From here on, the Reinforcement Learning (RL) agent is implemented.

In [3]:
# Define the state space
player_sum_space = range(4, 22)  # possible player hand values (4, 5, ..., 20, 21)
dealer_card_space = range(1, 11)  # possible dealer up card values (2, 3, ..., 10, 11)
usable_ace_space = [False, True]  # whether the player has a usable ace

state_space = []
for player_sum in player_sum_space:
    for dealer_card in dealer_card_space:
        for usable_ace in usable_ace_space:
            state_space.append((player_sum, dealer_card, usable_ace))

# This creates an array of length 306, which is the number of possible states in the game of blackjack. 
# Each state is a tuple of the player’s sum, the dealer’s card, and whether the player has a usable ace.

# Define the action space
action_space = [0, 1]  # hit or stick

# Get the size of the state and action spaces
num_states = len(state_space)
num_actions = len(action_space)

In [5]:
# Initialize the Q-table with initial values. 
Q_table_init = np.zeros((num_states, num_actions))

for i in trange(10000):
    # Initialize the state
    state = env.reset()[0]
    done = False

    while not done:
        # Choose an action
        action = np.random.choice(action_space)

        # Take the action
        next_state, reward, done, terminal, dic = env.step(action)

        # Update Q-table
        Q_table_init[state_space.index(state)][action] += reward

        # Update state
        state = next_state

100%|██████████| 10000/10000 [00:01<00:00, 7292.19it/s]


In [6]:
### Retrain the agent. Takes about 15 seconds to run on my machine. ###
# Set Q_table
Q_table = Q_table_init

# Hyperparameters
num_episodes = 100000  # Total number of episodes
alpha = 0.075  # Learning rate
gamma = 0.90  # Discount factor
epsilon = 0.1  # Epsilon-greedy parameter

# Training loop
for episode in trange(num_episodes):
    state = env.reset()[0]
    done = False
    while not done:
        # Epsilon-greedy action selection
        if np.random.random() < epsilon:
            action = np.random.choice(action_space)
        else:
            action = np.argmax(state_space.index(state))

        # Take the action
        next_state, reward, done, terminal, dic = env.step(action)

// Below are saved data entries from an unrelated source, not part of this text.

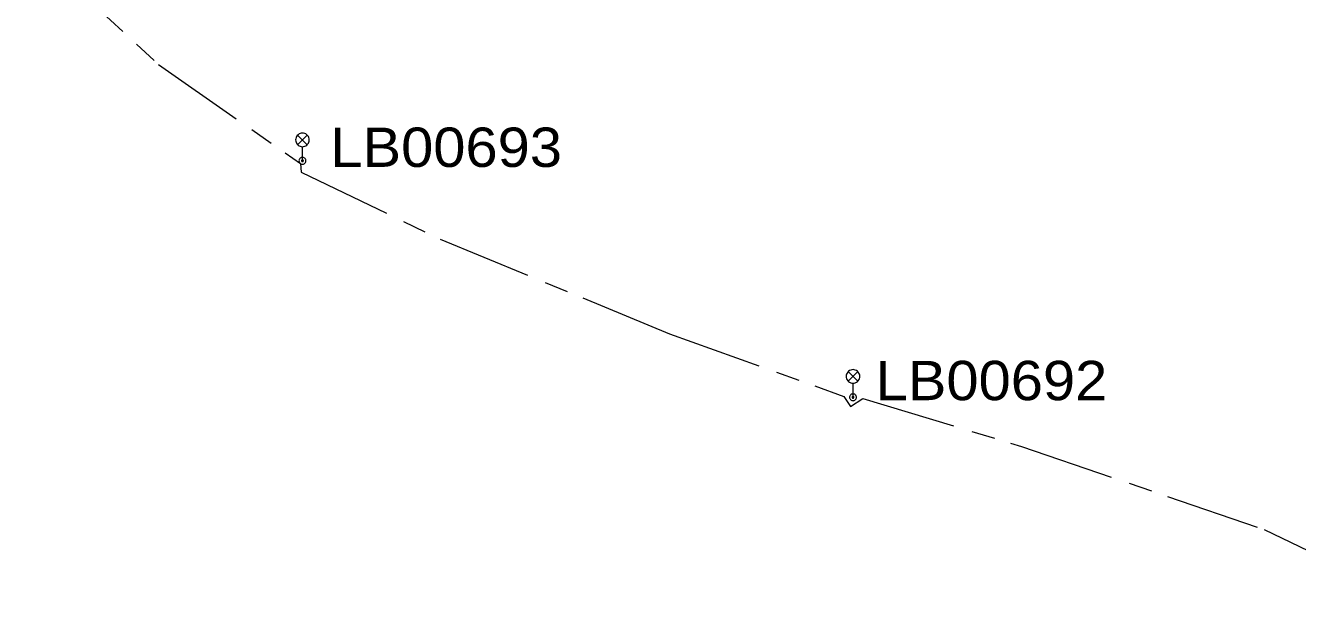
# Model space of a CAD drawing. Extents: x -688049 to -687261, y -973611 to -973038.
# Drawn here: x -687831.4 to -687761.3, y -973286.5 to -973255 of the extents above; entities that cross this region are included whole.
import ezdxf

# ---------------------------------------------------------------- set-up
doc = ezdxf.new("R2010")
doc.units = 0
doc.header["$LTSCALE"] = 0.87
doc.linetypes.add('LONG_DASH_SHORT_DASH', pattern=[9.9, 6, -1.2, 1.5, -1.2])
doc.layers.add('1', color=7, linetype='Continuous', lineweight=13)

msp = doc.modelspace()

# ---------------------------------------------------------------- linework, layer by layer
at = {"layer": '1'}
for p, q in [((-687816.415, -973261.045), (-687815.885, -973261.575)), ((-687816.415, -973261.575), (-687815.885, -973261.045)), ((-687816.15, -973262.46), (-687816.15, -973261.685)), ((-687786.085, -973274.075), (-687785.555, -973274.605)), ((-687786.085, -973274.605), (-687785.555, -973274.075)), ((-687785.82, -973275.49), (-687785.82, -973274.715))]:
    msp.add_line(p, q, dxfattribs=at)
at = {"layer": '1', "linetype": 'LONG_DASH_SHORT_DASH'}
for points in [[(-687831.41, -973250.219), (-687829.88, -973251.79), (-687824.08, -973257.16), (-687817.111, -973262.026)], [(-687817.111, -973262.026), (-687816.26, -973262.62), (-687816.22, -973263.08), (-687808.57, -973266.78), (-687800.711, -973270.019), (-687795.93, -973271.99), (-687787.93, -973274.862)], [(-687787.93, -973274.862), (-687786.32, -973275.44), (-687785.96, -973276), (-687785.27, -973275.55), (-687777.136, -973278.019)], [(-687777.136, -973278.019), (-687776.54, -973278.2), (-687768.499, -973280.955)], [(-687768.499, -973280.955), (-687763.17, -973282.78), (-687755.512, -973286.469)]]:
    msp.add_lwpolyline(points, dxfattribs=at)
at = {"layer": '1'}
for points in [[(-687815.775, -973261.31), (-687815.781, -973261.245), (-687815.798, -973261.182), (-687815.825, -973261.122), (-687815.863, -973261.069), (-687815.909, -973261.023), (-687815.962, -973260.985), (-687816.022, -973260.958), (-687816.085, -973260.941), (-687816.15, -973260.935), (-687816.215, -973260.941), (-687816.278, -973260.958), (-687816.338, -973260.985), (-687816.391, -973261.023), (-687816.437, -973261.069), (-687816.475, -973261.122), (-687816.502, -973261.182), (-687816.519, -973261.245), (-687816.525, -973261.31), (-687816.519, -973261.375), (-687816.502, -973261.438), (-687816.475, -973261.497), (-687816.437, -973261.551), (-687816.391, -973261.597), (-687816.338, -973261.635), (-687816.278, -973261.662), (-687816.215, -973261.679), (-687816.15, -973261.685), (-687816.085, -973261.679), (-687816.022, -973261.662), (-687815.962, -973261.635), (-687815.909, -973261.597), (-687815.863, -973261.551), (-687815.825, -973261.497), (-687815.798, -973261.438), (-687815.781, -973261.375)], [(-687815.96, -973262.46), (-687815.963, -973262.427), (-687815.971, -973262.395), (-687815.985, -973262.365), (-687816.004, -973262.338), (-687816.028, -973262.314), (-687816.055, -973262.295), (-687816.085, -973262.281), (-687816.117, -973262.273), (-687816.15, -973262.27), (-687816.183, -973262.273), (-687816.215, -973262.281), (-687816.245, -973262.295), (-687816.272, -973262.314), (-687816.296, -973262.338), (-687816.315, -973262.365), (-687816.329, -973262.395), (-687816.337, -973262.427), (-687816.34, -973262.46), (-687816.337, -973262.493), (-687816.329, -973262.525), (-687816.315, -973262.555), (-687816.296, -973262.582), (-687816.272, -973262.606), (-687816.245, -973262.625), (-687816.215, -973262.639), (-687816.183, -973262.647), (-687816.15, -973262.65), (-687816.117, -973262.647), (-687816.085, -973262.639), (-687816.055, -973262.625), (-687816.028, -973262.606), (-687816.004, -973262.582), (-687815.985, -973262.555), (-687815.971, -973262.525), (-687815.963, -973262.493)], [(-687816.1, -973262.46), (-687816.101, -973262.451), (-687816.103, -973262.443), (-687816.107, -973262.435), (-687816.112, -973262.428), (-687816.118, -973262.422), (-687816.125, -973262.417), (-687816.133, -973262.413), (-687816.141, -973262.411), (-687816.15, -973262.41), (-687816.159, -973262.411), (-687816.167, -973262.413), (-687816.175, -973262.417), (-687816.182, -973262.422), (-687816.188, -973262.428), (-687816.193, -973262.435), (-687816.197, -973262.443), (-687816.199, -973262.451), (-687816.2, -973262.46), (-687816.199, -973262.469), (-687816.197, -973262.477), (-687816.193, -973262.485), (-687816.188, -973262.492), (-687816.182, -973262.498), (-687816.175, -973262.503), (-687816.167, -973262.507), (-687816.159, -973262.509), (-687816.15, -973262.51), (-687816.141, -973262.509), (-687816.133, -973262.507), (-687816.125, -973262.503), (-687816.118, -973262.498), (-687816.112, -973262.492), (-687816.107, -973262.485), (-687816.103, -973262.477), (-687816.101, -973262.469)], [(-687785.445, -973274.34), (-687785.451, -973274.275), (-687785.468, -973274.212), (-687785.495, -973274.153), (-687785.533, -973274.099), (-687785.579, -973274.053), (-687785.633, -973274.015), (-687785.692, -973273.988), (-687785.755, -973273.971), (-687785.82, -973273.965), (-687785.885, -973273.971), (-687785.948, -973273.988), (-687786.008, -973274.015), (-687786.061, -973274.053), (-687786.107, -973274.099), (-687786.145, -973274.153), (-687786.172, -973274.212), (-687786.189, -973274.275), (-687786.195, -973274.34), (-687786.189, -973274.405), (-687786.172, -973274.468), (-687786.145, -973274.528), (-687786.107, -973274.581), (-687786.061, -973274.627), (-687786.008, -973274.665), (-687785.948, -973274.692), (-687785.885, -973274.709), (-687785.82, -973274.715), (-687785.755, -973274.709), (-687785.692, -973274.692), (-687785.633, -973274.665), (-687785.579, -973274.627), (-687785.533, -973274.581), (-687785.495, -973274.528), (-687785.468, -973274.468), (-687785.451, -973274.405)], [(-687785.63, -973275.49), (-687785.633, -973275.457), (-687785.641, -973275.425), (-687785.655, -973275.395), (-687785.674, -973275.368), (-687785.698, -973275.344), (-687785.725, -973275.325), (-687785.755, -973275.311), (-687785.787, -973275.303), (-687785.82, -973275.3), (-687785.853, -973275.303), (-687785.885, -973275.311), (-687785.915, -973275.325), (-687785.942, -973275.344), (-687785.966, -973275.368), (-687785.985, -973275.395), (-687785.999, -973275.425), (-687786.007, -973275.457), (-687786.01, -973275.49), (-687786.007, -973275.523), (-687785.999, -973275.555), (-687785.985, -973275.585), (-687785.966, -973275.612), (-687785.942, -973275.636), (-687785.915, -973275.655), (-687785.885, -973275.669), (-687785.853, -973275.677), (-687785.82, -973275.68), (-687785.787, -973275.677), (-687785.755, -973275.669), (-687785.725, -973275.655), (-687785.698, -973275.636), (-687785.674, -973275.612), (-687785.655, -973275.585), (-687785.641, -973275.555), (-687785.633, -973275.523)], [(-687785.77, -973275.49), (-687785.771, -973275.481), (-687785.773, -973275.473), (-687785.777, -973275.465), (-687785.782, -973275.458), (-687785.788, -973275.452), (-687785.795, -973275.447), (-687785.803, -973275.443), (-687785.811, -973275.441), (-687785.82, -973275.44), (-687785.829, -973275.441), (-687785.837, -973275.443), (-687785.845, -973275.447), (-687785.852, -973275.452), (-687785.858, -973275.458), (-687785.863, -973275.465), (-687785.867, -973275.473), (-687785.869, -973275.481), (-687785.87, -973275.49), (-687785.869, -973275.499), (-687785.867, -973275.507), (-687785.863, -973275.515), (-687785.858, -973275.522), (-687785.852, -973275.528), (-687785.845, -973275.533), (-687785.837, -973275.537), (-687785.829, -973275.539), (-687785.82, -973275.54), (-687785.811, -973275.539), (-687785.803, -973275.537), (-687785.795, -973275.533), (-687785.788, -973275.528), (-687785.782, -973275.522), (-687785.777, -973275.515), (-687785.773, -973275.507), (-687785.771, -973275.499)]]:
    msp.add_lwpolyline(points, close=True, dxfattribs=at)

# ---------------------------------------------------------------- texts
at = {"layer": '1', "width": 1.1}
for s, p in [('LB00693', (-687814.614, -973262.799)), ('LB00692', (-687784.574, -973275.65))]:
    msp.add_text(s, height=2.167, dxfattribs=at).set_placement(p)

doc.saveas('drawing.dxf')

        # Update Q-value if you busted, necessary because Q_table(next_state) does not exist if you bust
        if next_state not in state_space:
            Q_table[state_space.index(state)][action] += alpha * (reward - Q_table[state_space.index(state)][action])
            break

        # Update Q-value for current state-action pair
        Q_table[state_space.index(state)][action] += alpha * (reward + gamma * np.max(Q_table[state_space.index(next_state)]) - Q_table[state_space.index(state)][action])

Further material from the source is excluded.